**Task inputs**

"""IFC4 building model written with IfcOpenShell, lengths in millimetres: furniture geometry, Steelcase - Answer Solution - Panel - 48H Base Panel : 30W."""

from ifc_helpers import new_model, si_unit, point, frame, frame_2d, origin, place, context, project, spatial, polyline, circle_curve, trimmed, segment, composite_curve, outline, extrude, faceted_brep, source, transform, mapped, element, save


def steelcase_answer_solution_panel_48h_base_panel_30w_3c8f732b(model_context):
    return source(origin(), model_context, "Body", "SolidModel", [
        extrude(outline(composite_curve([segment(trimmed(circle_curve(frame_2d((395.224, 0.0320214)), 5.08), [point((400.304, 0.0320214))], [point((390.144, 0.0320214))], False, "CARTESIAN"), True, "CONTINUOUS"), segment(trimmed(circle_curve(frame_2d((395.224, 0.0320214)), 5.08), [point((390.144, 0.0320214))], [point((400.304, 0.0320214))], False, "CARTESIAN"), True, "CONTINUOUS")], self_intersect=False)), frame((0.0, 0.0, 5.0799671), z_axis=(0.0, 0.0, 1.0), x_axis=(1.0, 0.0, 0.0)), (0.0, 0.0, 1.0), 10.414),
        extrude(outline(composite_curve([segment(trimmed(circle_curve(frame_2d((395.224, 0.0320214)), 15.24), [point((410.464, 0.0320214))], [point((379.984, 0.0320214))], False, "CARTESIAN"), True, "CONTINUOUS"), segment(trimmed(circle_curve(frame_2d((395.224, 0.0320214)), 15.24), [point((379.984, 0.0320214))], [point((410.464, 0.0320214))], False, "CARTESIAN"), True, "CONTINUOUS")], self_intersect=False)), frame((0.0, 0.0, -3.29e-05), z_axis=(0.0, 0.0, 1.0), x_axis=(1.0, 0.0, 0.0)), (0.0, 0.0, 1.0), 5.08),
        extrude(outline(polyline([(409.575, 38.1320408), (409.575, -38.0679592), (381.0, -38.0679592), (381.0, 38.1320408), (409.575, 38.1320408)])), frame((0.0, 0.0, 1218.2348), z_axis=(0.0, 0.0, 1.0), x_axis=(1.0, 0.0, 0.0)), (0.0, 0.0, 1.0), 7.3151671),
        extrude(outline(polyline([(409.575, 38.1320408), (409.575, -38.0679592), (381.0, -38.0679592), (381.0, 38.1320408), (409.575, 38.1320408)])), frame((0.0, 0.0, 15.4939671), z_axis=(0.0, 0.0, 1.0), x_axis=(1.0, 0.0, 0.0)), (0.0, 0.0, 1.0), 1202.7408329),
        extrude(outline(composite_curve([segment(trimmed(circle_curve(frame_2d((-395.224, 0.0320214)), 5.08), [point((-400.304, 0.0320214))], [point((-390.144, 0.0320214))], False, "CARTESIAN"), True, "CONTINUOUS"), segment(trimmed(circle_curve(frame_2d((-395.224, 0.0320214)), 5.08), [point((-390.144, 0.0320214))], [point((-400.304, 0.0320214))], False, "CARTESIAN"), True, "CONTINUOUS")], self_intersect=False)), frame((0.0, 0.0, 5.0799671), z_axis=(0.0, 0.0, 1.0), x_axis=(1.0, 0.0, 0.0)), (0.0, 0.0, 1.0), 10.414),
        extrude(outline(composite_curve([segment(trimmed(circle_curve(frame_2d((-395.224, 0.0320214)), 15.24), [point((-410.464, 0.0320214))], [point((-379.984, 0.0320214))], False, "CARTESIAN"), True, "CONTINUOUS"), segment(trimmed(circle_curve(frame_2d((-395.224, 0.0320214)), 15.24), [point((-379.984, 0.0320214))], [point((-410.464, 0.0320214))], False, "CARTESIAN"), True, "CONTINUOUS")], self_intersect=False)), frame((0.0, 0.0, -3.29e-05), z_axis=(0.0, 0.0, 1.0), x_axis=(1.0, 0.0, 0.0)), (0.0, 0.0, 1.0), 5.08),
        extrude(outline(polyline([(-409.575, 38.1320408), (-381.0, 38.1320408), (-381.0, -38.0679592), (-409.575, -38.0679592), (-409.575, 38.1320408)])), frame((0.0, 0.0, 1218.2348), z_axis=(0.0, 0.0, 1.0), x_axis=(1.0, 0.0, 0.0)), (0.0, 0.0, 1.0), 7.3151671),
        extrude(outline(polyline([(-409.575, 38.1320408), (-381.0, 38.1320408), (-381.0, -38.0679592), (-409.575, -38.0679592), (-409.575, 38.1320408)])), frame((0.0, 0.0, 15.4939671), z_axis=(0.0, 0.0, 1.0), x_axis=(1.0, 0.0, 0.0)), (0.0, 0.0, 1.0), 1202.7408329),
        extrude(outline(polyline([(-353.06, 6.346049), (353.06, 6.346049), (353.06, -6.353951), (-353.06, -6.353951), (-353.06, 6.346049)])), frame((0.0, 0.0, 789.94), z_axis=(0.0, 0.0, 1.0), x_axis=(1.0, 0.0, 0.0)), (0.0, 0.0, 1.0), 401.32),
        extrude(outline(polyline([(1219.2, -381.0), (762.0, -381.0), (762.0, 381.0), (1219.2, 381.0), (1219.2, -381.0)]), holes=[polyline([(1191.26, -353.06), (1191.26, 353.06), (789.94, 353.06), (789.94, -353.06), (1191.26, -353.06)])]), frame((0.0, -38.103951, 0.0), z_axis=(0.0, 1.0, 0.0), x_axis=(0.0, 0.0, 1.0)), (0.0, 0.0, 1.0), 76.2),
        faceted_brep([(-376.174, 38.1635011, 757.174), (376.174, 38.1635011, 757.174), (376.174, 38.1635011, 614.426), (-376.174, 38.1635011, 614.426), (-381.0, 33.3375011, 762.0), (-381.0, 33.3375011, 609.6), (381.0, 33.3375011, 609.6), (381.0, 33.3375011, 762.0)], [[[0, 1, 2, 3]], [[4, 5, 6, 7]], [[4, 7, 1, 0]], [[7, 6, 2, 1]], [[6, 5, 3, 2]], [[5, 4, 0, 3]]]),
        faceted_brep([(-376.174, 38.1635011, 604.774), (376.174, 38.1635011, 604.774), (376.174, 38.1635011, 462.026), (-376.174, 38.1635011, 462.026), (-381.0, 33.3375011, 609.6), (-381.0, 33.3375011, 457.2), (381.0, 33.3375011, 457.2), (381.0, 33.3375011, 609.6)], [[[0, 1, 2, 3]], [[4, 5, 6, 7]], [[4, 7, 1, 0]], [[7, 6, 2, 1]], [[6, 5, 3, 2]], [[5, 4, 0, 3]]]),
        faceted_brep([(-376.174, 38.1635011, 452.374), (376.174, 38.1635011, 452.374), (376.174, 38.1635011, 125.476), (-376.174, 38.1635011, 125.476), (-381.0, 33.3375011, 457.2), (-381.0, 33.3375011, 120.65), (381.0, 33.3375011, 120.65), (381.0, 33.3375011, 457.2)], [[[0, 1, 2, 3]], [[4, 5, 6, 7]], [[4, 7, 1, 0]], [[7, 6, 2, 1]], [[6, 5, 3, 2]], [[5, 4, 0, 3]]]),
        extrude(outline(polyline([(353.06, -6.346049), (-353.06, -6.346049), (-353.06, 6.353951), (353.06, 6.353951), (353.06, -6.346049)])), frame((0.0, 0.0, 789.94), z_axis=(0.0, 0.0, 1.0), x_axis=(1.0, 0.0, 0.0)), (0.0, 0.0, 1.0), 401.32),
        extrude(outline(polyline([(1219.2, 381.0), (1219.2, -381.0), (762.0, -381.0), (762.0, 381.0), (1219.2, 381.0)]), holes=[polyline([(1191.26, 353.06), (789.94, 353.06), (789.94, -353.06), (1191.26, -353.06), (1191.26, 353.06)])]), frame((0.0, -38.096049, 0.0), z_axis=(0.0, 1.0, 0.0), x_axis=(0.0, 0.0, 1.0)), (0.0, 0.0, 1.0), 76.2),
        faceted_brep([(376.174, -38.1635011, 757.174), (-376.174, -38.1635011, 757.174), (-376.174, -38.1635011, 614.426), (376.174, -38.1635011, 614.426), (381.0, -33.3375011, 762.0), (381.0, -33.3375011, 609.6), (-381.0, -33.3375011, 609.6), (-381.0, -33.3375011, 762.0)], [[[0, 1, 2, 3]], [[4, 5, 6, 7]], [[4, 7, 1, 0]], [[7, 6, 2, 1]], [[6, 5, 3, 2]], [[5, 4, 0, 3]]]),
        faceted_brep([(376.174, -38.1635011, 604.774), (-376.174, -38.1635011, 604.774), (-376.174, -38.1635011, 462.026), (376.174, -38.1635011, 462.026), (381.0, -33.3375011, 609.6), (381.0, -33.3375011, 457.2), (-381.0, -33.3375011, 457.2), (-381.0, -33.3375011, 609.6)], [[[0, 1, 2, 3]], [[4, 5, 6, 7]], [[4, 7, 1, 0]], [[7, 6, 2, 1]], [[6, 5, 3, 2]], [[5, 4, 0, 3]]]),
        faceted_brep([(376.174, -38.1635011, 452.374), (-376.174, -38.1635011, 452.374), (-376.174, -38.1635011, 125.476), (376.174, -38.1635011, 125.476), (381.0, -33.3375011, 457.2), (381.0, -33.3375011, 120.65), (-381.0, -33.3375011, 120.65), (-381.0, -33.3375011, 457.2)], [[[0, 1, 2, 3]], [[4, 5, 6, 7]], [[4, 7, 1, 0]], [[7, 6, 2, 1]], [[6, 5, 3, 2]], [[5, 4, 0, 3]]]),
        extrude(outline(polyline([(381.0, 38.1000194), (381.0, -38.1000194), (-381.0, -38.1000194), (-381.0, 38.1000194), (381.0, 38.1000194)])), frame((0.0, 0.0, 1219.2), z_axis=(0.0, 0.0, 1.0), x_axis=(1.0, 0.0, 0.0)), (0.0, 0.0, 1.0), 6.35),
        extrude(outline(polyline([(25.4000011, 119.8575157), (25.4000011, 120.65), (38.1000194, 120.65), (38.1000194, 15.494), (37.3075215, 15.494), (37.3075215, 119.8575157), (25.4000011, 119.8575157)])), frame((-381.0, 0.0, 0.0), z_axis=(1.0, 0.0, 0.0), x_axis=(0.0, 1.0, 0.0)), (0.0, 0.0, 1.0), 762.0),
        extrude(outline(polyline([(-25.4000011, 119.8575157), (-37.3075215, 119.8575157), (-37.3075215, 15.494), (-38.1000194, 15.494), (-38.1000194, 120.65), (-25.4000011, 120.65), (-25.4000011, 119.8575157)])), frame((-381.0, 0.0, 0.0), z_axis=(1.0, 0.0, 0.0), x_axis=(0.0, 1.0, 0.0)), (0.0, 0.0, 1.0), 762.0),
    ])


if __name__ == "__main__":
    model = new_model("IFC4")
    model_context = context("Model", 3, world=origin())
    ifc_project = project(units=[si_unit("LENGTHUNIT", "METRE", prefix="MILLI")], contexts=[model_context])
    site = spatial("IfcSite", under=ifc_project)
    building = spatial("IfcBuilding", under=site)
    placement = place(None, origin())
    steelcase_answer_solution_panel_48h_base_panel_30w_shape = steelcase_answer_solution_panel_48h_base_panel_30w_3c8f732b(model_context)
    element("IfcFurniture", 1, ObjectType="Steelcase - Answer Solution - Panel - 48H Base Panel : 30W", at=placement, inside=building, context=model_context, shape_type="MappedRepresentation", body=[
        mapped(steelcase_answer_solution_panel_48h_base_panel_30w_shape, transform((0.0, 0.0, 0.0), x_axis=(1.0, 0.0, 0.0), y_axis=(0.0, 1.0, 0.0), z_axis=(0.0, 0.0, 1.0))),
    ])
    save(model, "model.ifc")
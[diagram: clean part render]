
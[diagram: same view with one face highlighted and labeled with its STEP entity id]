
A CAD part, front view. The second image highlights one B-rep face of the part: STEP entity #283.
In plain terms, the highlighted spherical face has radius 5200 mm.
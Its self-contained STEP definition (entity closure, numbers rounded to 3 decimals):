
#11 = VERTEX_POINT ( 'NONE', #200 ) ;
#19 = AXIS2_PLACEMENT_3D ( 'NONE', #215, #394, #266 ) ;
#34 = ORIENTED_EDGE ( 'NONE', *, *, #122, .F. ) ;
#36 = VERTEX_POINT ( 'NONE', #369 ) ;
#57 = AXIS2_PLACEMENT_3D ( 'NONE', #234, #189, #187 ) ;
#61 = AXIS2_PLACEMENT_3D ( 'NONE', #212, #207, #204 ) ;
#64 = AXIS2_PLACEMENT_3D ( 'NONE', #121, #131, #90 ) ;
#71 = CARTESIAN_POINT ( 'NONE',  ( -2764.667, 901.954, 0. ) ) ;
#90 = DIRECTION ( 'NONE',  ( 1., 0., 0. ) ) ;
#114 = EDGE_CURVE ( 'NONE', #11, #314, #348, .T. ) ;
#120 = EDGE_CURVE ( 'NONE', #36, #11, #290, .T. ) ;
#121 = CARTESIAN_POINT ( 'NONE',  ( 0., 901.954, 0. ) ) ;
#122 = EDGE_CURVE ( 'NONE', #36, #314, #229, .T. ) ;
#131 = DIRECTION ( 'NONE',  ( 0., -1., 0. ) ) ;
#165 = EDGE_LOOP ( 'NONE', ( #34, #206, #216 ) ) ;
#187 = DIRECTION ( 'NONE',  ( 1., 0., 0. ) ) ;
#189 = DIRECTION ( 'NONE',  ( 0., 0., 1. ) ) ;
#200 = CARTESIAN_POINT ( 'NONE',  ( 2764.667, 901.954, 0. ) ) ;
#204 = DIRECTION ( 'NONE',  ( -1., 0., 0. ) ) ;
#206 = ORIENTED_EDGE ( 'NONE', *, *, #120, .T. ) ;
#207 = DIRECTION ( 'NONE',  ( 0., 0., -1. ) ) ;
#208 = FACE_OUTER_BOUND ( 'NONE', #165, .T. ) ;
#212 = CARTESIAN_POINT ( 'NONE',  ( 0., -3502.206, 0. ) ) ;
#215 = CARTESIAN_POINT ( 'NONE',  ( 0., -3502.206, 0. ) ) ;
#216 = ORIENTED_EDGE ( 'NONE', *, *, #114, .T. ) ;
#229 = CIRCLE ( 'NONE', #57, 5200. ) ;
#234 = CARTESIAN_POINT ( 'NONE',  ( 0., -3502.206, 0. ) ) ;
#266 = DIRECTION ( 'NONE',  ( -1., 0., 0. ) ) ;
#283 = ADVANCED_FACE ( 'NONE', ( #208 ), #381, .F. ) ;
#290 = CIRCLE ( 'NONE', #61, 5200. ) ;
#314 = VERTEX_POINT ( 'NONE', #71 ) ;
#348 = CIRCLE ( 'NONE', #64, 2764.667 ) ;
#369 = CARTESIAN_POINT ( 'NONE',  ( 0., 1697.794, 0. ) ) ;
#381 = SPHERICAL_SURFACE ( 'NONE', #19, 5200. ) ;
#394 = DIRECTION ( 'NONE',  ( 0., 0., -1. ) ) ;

**Task**
What are the lines, exactly as written above, from the line with "#64 = AXIS2_PLACEMENT_3D" to the line with "#381 = SPHERICAL_SURFACE", both included? Output only those.

**Solution to the exercise**
#64 = AXIS2_PLACEMENT_3D ( 'NONE', #121, #131, #90 ) ;
#71 = CARTESIAN_POINT ( 'NONE',  ( -2764.667, 901.954, 0. ) ) ;
#90 = DIRECTION ( 'NONE',  ( 1., 0., 0. ) ) ;
#114 = EDGE_CURVE ( 'NONE', #11, #314, #348, .T. ) ;
#120 = EDGE_CURVE ( 'NONE', #36, #11, #290, .T. ) ;
#121 = CARTESIAN_POINT ( 'NONE',  ( 0., 901.954, 0. ) ) ;
#122 = EDGE_CURVE ( 'NONE', #36, #314, #229, .T. ) ;
#131 = DIRECTION ( 'NONE',  ( 0., -1., 0. ) ) ;
#165 = EDGE_LOOP ( 'NONE', ( #34, #206, #216 ) ) ;
#187 = DIRECTION ( 'NONE',  ( 1., 0., 0. ) ) ;
#189 = DIRECTION ( 'NONE',  ( 0., 0., 1. ) ) ;
#200 = CARTESIAN_POINT ( 'NONE',  ( 2764.667, 901.954, 0. ) ) ;
#204 = DIRECTION ( 'NONE',  ( -1., 0., 0. ) ) ;
#206 = ORIENTED_EDGE ( 'NONE', *, *, #120, .T. ) ;
#207 = DIRECTION ( 'NONE',  ( 0., 0., -1. ) ) ;
#208 = FACE_OUTER_BOUND ( 'NONE', #165, .T. ) ;
#212 = CARTESIAN_POINT ( 'NONE',  ( 0., -3502.206, 0. ) ) ;
#215 = CARTESIAN_POINT ( 'NONE',  ( 0., -3502.206, 0. ) ) ;
#216 = ORIENTED_EDGE ( 'NONE', *, *, #114, .T. ) ;
#229 = CIRCLE ( 'NONE', #57, 5200. ) ;
#234 = CARTESIAN_POINT ( 'NONE',  ( 0., -3502.206, 0. ) ) ;
#266 = DIRECTION ( 'NONE',  ( -1., 0., 0. ) ) ;
#283 = ADVANCED_FACE ( 'NONE', ( #208 ), #381, .F. ) ;
#290 = CIRCLE ( 'NONE', #61, 5200. ) ;
#314 = VERTEX_POINT ( 'NONE', #71 ) ;
#348 = CIRCLE ( 'NONE', #64, 2764.667 ) ;
#369 = CARTESIAN_POINT ( 'NONE',  ( 0., 1697.794, 0. ) ) ;
#381 = SPHERICAL_SURFACE ( 'NONE', #19, 5200. ) ;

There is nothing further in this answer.